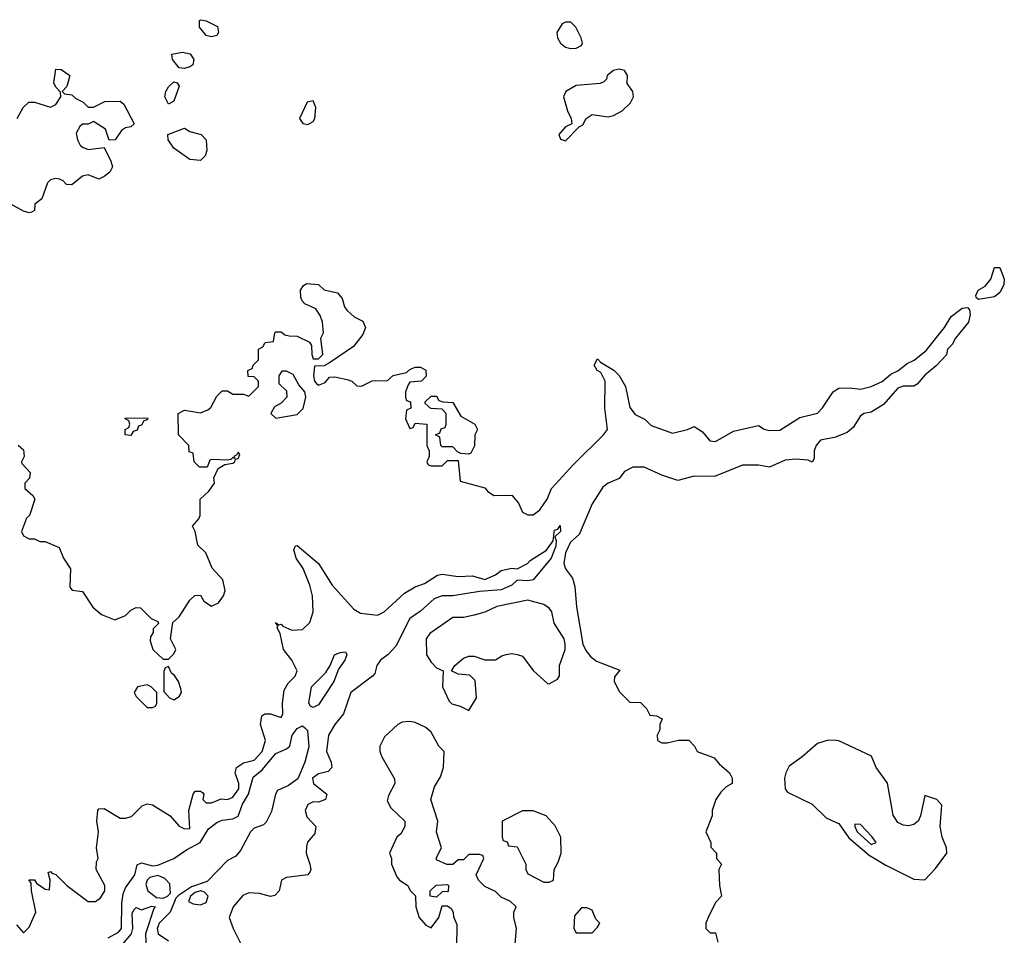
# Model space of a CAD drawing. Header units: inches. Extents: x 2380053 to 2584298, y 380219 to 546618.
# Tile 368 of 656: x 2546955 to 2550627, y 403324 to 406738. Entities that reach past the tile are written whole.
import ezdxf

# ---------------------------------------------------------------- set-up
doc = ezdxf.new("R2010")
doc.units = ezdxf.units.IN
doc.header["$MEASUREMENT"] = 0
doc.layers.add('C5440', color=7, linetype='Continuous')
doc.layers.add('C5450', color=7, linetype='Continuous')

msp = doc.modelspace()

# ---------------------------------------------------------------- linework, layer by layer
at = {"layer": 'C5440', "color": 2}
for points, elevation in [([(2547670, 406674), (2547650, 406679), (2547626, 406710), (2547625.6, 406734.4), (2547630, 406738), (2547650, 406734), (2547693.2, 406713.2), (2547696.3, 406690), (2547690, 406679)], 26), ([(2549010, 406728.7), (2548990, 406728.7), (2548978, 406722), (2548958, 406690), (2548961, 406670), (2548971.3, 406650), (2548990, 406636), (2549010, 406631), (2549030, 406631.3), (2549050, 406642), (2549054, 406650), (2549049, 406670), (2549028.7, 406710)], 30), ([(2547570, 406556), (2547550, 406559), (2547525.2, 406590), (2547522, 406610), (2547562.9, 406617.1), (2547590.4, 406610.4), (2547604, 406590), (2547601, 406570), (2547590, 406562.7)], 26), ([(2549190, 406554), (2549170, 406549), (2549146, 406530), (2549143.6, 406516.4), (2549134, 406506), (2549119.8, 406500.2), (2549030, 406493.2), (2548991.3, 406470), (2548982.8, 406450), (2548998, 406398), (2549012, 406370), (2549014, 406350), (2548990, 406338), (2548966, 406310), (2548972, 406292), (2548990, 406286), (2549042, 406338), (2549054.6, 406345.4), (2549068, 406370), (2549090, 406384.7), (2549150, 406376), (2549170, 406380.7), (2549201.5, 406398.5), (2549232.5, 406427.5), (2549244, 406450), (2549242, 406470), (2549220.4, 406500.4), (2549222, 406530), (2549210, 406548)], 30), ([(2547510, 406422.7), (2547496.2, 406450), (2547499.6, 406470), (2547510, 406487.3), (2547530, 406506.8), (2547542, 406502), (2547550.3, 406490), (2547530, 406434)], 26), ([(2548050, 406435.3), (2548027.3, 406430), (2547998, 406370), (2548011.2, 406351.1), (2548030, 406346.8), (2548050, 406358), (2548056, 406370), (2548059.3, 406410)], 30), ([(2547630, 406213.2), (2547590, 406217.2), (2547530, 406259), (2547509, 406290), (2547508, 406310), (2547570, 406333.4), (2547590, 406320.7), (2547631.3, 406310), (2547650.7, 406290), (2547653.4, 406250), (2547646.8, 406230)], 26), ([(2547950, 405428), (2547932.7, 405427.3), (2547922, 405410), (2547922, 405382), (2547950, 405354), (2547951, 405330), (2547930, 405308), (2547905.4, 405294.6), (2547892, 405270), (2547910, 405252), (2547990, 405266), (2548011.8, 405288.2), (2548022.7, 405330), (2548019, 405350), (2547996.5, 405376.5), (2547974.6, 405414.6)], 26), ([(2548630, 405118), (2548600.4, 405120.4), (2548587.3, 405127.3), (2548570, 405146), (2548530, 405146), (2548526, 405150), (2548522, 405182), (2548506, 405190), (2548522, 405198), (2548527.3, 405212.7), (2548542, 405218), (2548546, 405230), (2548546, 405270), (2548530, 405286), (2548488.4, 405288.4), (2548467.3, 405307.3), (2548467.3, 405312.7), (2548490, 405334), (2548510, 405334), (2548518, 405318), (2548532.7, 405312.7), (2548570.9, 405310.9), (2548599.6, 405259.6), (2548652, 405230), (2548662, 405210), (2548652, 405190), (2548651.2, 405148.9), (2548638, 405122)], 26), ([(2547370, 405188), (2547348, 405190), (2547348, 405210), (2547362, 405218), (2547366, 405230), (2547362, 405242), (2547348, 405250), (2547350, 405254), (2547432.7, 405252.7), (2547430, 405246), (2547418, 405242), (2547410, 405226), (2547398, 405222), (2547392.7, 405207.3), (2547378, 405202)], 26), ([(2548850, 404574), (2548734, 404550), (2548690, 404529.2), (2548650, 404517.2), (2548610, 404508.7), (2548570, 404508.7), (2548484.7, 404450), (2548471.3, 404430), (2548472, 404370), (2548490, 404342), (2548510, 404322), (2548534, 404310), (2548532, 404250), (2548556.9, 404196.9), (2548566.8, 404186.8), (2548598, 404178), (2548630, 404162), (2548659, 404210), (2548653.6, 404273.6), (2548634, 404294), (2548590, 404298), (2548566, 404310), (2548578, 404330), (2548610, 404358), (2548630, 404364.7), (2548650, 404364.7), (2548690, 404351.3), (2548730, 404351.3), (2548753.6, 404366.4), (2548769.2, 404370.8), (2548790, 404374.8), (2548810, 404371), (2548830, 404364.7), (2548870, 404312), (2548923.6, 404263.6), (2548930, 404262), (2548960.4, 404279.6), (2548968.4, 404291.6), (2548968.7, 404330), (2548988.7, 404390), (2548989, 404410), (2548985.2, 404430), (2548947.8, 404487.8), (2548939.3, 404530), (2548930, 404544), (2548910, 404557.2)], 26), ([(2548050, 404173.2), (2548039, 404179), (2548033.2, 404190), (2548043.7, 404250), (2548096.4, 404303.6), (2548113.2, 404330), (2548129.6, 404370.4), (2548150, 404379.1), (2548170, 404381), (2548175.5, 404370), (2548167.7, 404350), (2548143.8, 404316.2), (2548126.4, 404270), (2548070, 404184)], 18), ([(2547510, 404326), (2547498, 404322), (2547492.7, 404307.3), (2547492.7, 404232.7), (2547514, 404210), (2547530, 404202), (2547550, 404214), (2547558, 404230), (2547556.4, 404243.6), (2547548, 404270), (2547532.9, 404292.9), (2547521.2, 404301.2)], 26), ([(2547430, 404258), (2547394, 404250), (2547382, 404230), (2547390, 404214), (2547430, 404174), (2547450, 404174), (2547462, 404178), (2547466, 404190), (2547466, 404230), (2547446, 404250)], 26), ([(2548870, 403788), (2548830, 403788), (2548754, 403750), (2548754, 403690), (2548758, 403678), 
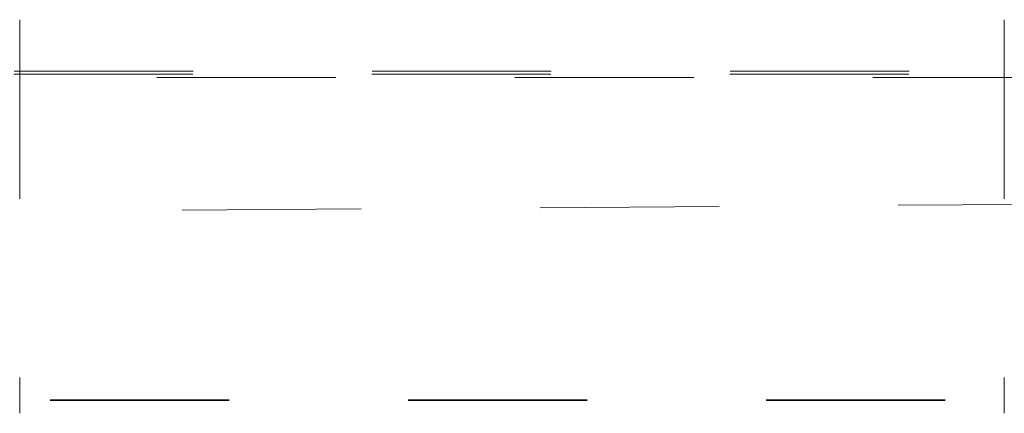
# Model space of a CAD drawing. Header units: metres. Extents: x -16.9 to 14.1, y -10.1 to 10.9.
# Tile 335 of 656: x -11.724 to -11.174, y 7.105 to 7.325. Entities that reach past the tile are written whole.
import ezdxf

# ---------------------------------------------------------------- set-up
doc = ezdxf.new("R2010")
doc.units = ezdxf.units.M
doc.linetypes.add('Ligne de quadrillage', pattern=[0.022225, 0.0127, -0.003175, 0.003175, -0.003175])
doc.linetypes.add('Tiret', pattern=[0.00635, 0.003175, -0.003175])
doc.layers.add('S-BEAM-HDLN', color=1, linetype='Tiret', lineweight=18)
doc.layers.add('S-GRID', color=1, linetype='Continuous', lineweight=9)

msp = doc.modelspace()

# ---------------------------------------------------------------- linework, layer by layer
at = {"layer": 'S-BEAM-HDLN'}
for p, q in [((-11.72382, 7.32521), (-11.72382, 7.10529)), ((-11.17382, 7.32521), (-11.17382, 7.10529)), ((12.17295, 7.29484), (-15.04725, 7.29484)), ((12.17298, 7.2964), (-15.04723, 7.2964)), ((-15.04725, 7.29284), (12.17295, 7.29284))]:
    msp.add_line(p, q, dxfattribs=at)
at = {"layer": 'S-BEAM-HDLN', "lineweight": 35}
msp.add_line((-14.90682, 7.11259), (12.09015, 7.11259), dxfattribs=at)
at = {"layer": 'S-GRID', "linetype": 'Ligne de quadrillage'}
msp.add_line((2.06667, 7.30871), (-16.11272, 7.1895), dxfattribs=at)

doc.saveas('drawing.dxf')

-------------------------

TASK REQUIREMENTS: Reproduce, exactly as they stand in the data above, the lines from the one that holds "# Tile 335 of" to the one that holds "doc.units = ezdxf.units.M", inclusive.

RESULT OF THE EXERCISE:
# Tile 335 of 656: x -11.724 to -11.174, y 7.105 to 7.325. Entities that reach past the tile are written whole.
import ezdxf

# ---------------------------------------------------------------- set-up
doc = ezdxf.new("R2010")
doc.units = ezdxf.units.M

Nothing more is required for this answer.